New LA DA Gascón Directs Office to Stop Seeking Death Penalty, Review All Death Row Cases

George Gascon at a candidate’s forum in February 2020
George Gascón at a candidate’s forum in February

By Özge Terzioğlu

LOS ANGELES—New Los Angeles District Attorney George Gascón continues to make big criminal justice reform waves just days after taking office.

This week he has directed all deputy district attorneys to immediately stop filing letters asking for the death penalty, ordering them to stop filing briefs seeking discovery, or making arguments in court that ask for the death penalty as a sentence.

Even cases charged with special circumstances will be processed as non-death penalty cases, and Gascón has ordered the Special Circumstances Committee to be permanently disbanded.

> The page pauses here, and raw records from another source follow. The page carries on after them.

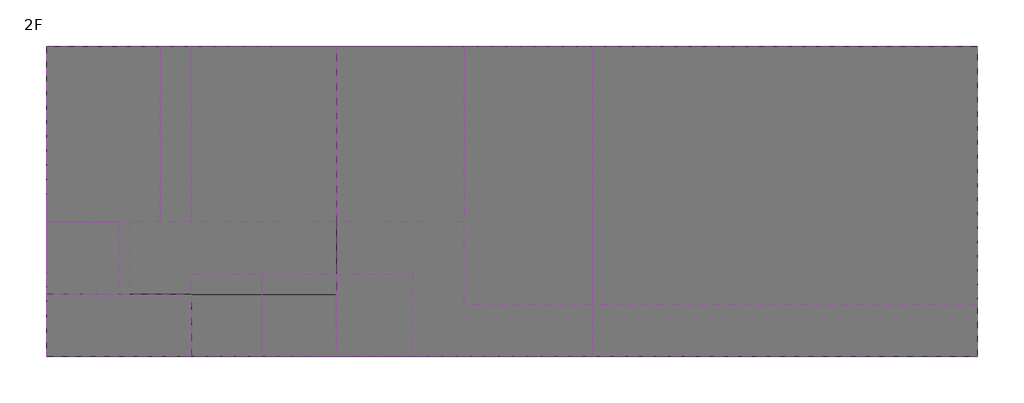
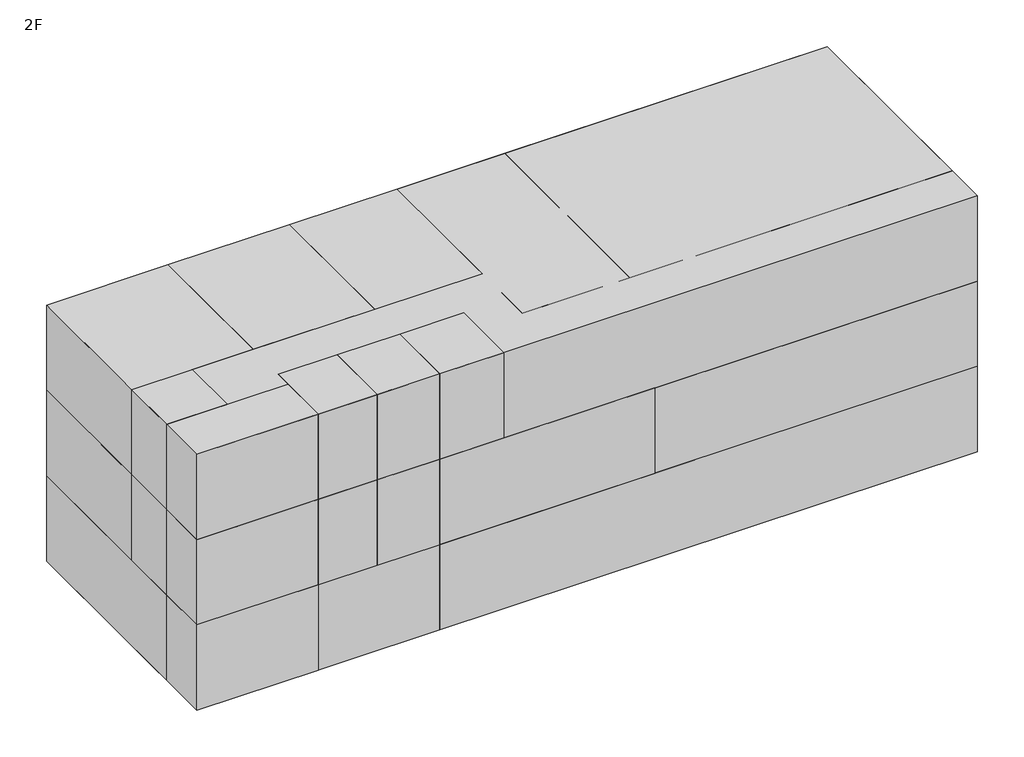
# One storey: 24 proxies.
"""IFC4 building model written with IfcOpenShell, lengths in millimetres."""

import ifcopenshell
import ifcopenshell.guid

model = None  # the IFC model being written
_history = None  # IfcOwnerHistory: only IFC2X3 demands one
_inside = {}  # id of a spatial element -> (the spatial element, [elements in it])
_under = {}  # id of a project, library or spatial element -> (it, [spatial elements below it])
_declared = {}  # id of a project -> (the project, [libraries it declares])
_typed = {}  # id of a type object -> (the type object, [elements of that type])
_made_of = {}  # id of a material, layer set ... -> (it, [elements and type objects made of it])


def new_model(schema):
    """Start an empty IFC model of exactly this schema.

    Asked for "IFC4X3", IfcOpenShell would pick the latest addendum, in which some entities
    have other attributes; the version numbers below select the first issue.
    IFC2X3 requires an IfcOwnerHistory on every rooted entity: one is made here for all.
    """
    global model, _history
    if schema == "IFC4X3":
        model = ifcopenshell.file(schema_version=(4, 3, 0, 0))
    else:
        model = ifcopenshell.file(schema=schema)
    _inside.clear()
    _under.clear()
    _declared.clear()
    _typed.clear()
    _made_of.clear()
    _history = None
    if model.schema == "IFC2X3":
        org = make("IfcOrganization", Name="unknown")
        user = make(
            "IfcPersonAndOrganization",
            ThePerson=make("IfcPerson", FamilyName="unknown"),
            TheOrganization=org,
        )
        app = make(
            "IfcApplication",
            ApplicationDeveloper=org,
            Version="unknown",
            ApplicationFullName="unknown",
            ApplicationIdentifier="unknown",
        )
        _history = make(
            "IfcOwnerHistory",
            OwningUser=user,
            OwningApplication=app,
            ChangeAction="ADDED",
            CreationDate=0,
        )
    return model


def make(cls, **values):
    """One entity of the class cls with the attributes given. An attribute that is None is left unset."""
    return model.create_entity(
        cls, **{name: value for name, value in values.items() if value is not None}
    )


def rooted(cls, **values):
    """An entity with a GlobalId (a new one), such as an element, a storey or a relation."""
    return make(cls, GlobalId=ifcopenshell.guid.new(), OwnerHistory=_history, **values)


def si_unit(unit_type, name, prefix=None):
    """IfcSIUnit, for example si_unit("LENGTHUNIT", "METRE", prefix="MILLI")."""
    return make("IfcSIUnit", UnitType=unit_type, Prefix=prefix, Name=name)


def assignment(units):
    """IfcUnitAssignment: the units of a project."""
    return None if units is None else make("IfcUnitAssignment", Units=units)


def point(xyz):
    """IfcCartesianPoint."""
    return None if xyz is None else make("IfcCartesianPoint", Coordinates=xyz)


def direction(xyz):
    """IfcDirection."""
    return None if xyz is None else make("IfcDirection", DirectionRatios=xyz)


def frame(location, z_axis=None, x_axis=None):
    """IfcAxis2Placement3D, a coordinate frame: its origin and axes. An axis left out is left unset."""
    return make(
        "IfcAxis2Placement3D",
        Location=point(location),
        Axis=direction(z_axis),
        RefDirection=direction(x_axis),
    )


def origin():
    """The frame at (0, 0, 0) with its axes left unset."""
    return frame((0.0, 0.0, 0.0))


def origin_with_axes():
    """The frame at (0, 0, 0) with the z axis (0, 0, 1) and the x axis (1, 0, 0) written out."""
    return frame((0.0, 0.0, 0.0), z_axis=(0.0, 0.0, 1.0), x_axis=(1.0, 0.0, 0.0))


def place(relative_to, where):
    """IfcLocalPlacement: puts the frame where relative to a parent placement (None: the world)."""
    return make(
        "IfcLocalPlacement", PlacementRelTo=relative_to, RelativePlacement=where
    )


def context(
    kind, dimensions, precision=None, world=None, true_north=None, identifier=None
):
    """IfcGeometricRepresentationContext, for example the 3D "Model" context."""
    return make(
        "IfcGeometricRepresentationContext",
        ContextIdentifier=identifier,
        ContextType=kind,
        CoordinateSpaceDimension=dimensions,
        Precision=precision,
        WorldCoordinateSystem=world,
        TrueNorth=true_north,
    )


def project(units=None, contexts=None):
    """IfcProject with its units and contexts."""
    return rooted(
        "IfcProject",
        Name="project",
        RepresentationContexts=contexts,
        UnitsInContext=assignment(units),
    )


def spatial(cls, under=None, at=None, **own):
    """A site, building, storey or space (cls), placed at a placement, below another one or the project."""
    s = rooted(cls, ObjectPlacement=at, **own)
    if under is not None:
        _under.setdefault(under.id(), (under, []))[1].append(s)
    return s


def polyline(points):
    """IfcPolyline through the points."""
    return make("IfcPolyline", Points=[point(p) for p in points])


def outline(outer, holes=None, kind="AREA"):
    """IfcArbitraryClosedProfileDef: a profile drawn as a closed curve; with holes, ...WithVoids."""
    if holes is None:
        return make("IfcArbitraryClosedProfileDef", ProfileType=kind, OuterCurve=outer)
    return make(
        "IfcArbitraryProfileDefWithVoids",
        ProfileType=kind,
        OuterCurve=outer,
        InnerCurves=holes,
    )


def extrude(swept, where, along, depth):
    """IfcExtrudedAreaSolid: the profile swept, set in the frame where, extruded along a direction by depth."""
    return make(
        "IfcExtrudedAreaSolid",
        SweptArea=swept,
        Position=where,
        ExtrudedDirection=direction(along),
        Depth=depth,
    )


def shape(context_of_items, identifier, shape_type, items):
    """IfcShapeRepresentation: the items that make up one representation, for example the "Body"."""
    return make(
        "IfcShapeRepresentation",
        ContextOfItems=context_of_items,
        RepresentationIdentifier=identifier,
        RepresentationType=shape_type,
        Items=items,
    )


def source(mapping_origin, context_of_items, identifier, shape_type, items):
    """IfcRepresentationMap: a shape defined once, which mapped items show again and again."""
    return make(
        "IfcRepresentationMap",
        MappingOrigin=mapping_origin,
        MappedRepresentation=shape(context_of_items, identifier, shape_type, items),
    )


def transform(
    local_origin,
    x_axis=None,
    y_axis=None,
    z_axis=None,
    scale=None,
    scale2=None,
    scale3=None,
    uniform=True,
):
    """IfcCartesianTransformationOperator3D, or its non-uniform kind. x_axis, y_axis, z_axis: its Axis1, 2, 3."""
    if uniform:
        return make(
            "IfcCartesianTransformationOperator3D",
            Axis1=direction(x_axis),
            Axis2=direction(y_axis),
            LocalOrigin=point(local_origin),
            Scale=scale,
            Axis3=direction(z_axis),
        )
    return make(
        "IfcCartesianTransformationOperator3DnonUniform",
        Axis1=direction(x_axis),
        Axis2=direction(y_axis),
        LocalOrigin=point(local_origin),
        Scale=scale,
        Axis3=direction(z_axis),
        Scale2=scale2,
        Scale3=scale3,
    )


def mapped(mapping_source, mapping_target):
    """IfcMappedItem: shows the shape of a source again, moved by a transform."""
    return make(
        "IfcMappedItem", MappingSource=mapping_source, MappingTarget=mapping_target
    )


def made_of(thing, what):
    """Note that an element or type object is made of a material, layer set ...; save() writes the relation."""
    if what is not None:
        _made_of.setdefault(what.id(), (what, []))[1].append(thing)
    return thing


def element(
    cls,
    number,
    at=None,
    inside=None,
    cuts=None,
    type_object=None,
    material=None,
    context=None,
    identifier="Body",
    shape_type=None,
    held_by="IfcProductDefinitionShape",
    body=None,
    shapes=None,
    **own,
):
    """One element of the class cls, such as IfcWall. Its Tag is "e" and its number.

    at: its placement. inside: the storey or other place that contains it. cuts: it is an
    opening in that element (IfcRelVoidsElement). A single representation is given by context,
    identifier, shape_type and body (its items); several are given by shapes. held_by: the class
    of the entity that holds the representations. save() writes the other relations.
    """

He also requested all deputy DAs to ask to continue cases, where a letter of intent to seek the death penalty has been filed or where the jury has decided on death, for 30 days in order to review the case.

Additionally, Gascón ordered the DA’s office to not seek execution dates for anyone sentenced for death. They will also refuse to defend existing death sentences while reviewing every case in LA County with a goal to remove the death penalty.

However, the DA’s office will defend “validly obtained convictions in all cases where the evidence supports the conviction beyond a reasonable doubt. If there are cases where the DA is not the counsel or co-counsel, the DA’s office will consult with the Attorney General to achieve these goals.

Gascón’s actions are in opposition to Los Angeles County history. The county has one of the biggest death rows in the nation. The racism behind death row is what Gascón said influenced his decision to implement this new policy, effective immediately.

While 59 percent of California’s death row inmates are people of color, 85 percent of LA County’s death row are people of color, revealing the huge bias in this county specifically.

Not only do state sanctioned killings not help to deter crime, but they are also a waste of taxpayer money, Gascón has stated. He notes that since 1978, California has spent more than $5 billion dollars on maintaining death row housing for about 712 people, prosecuting death penalty cases, and defending death judgments.

Instead of using taxpayer money on death row, Gascón advocates for directing that spending to programs that improve safety and quality of life. He cited a study that shows a majority of Angelitos agree.

Aside from death row being a waste of taxpayer money and not useful for deterring crime, Gascón also reasoned that there is always a huge risk of executing innocent people. From 1973 to 2004, one in 25 people in the United States who were sentenced to death were wrongly convicted, he said.

Comparing those statistics to LA County, Gascón estimated at the least, nine people on death row in LA are actually innocent, and that’s why Gascón said he is refusing to allow a policy that has a chance of executing innocent people.

Özge Terzioğlu is from San Diego and she is a sophomore at UC Berkeley majoring in Rhetoric and minoring in Turkish.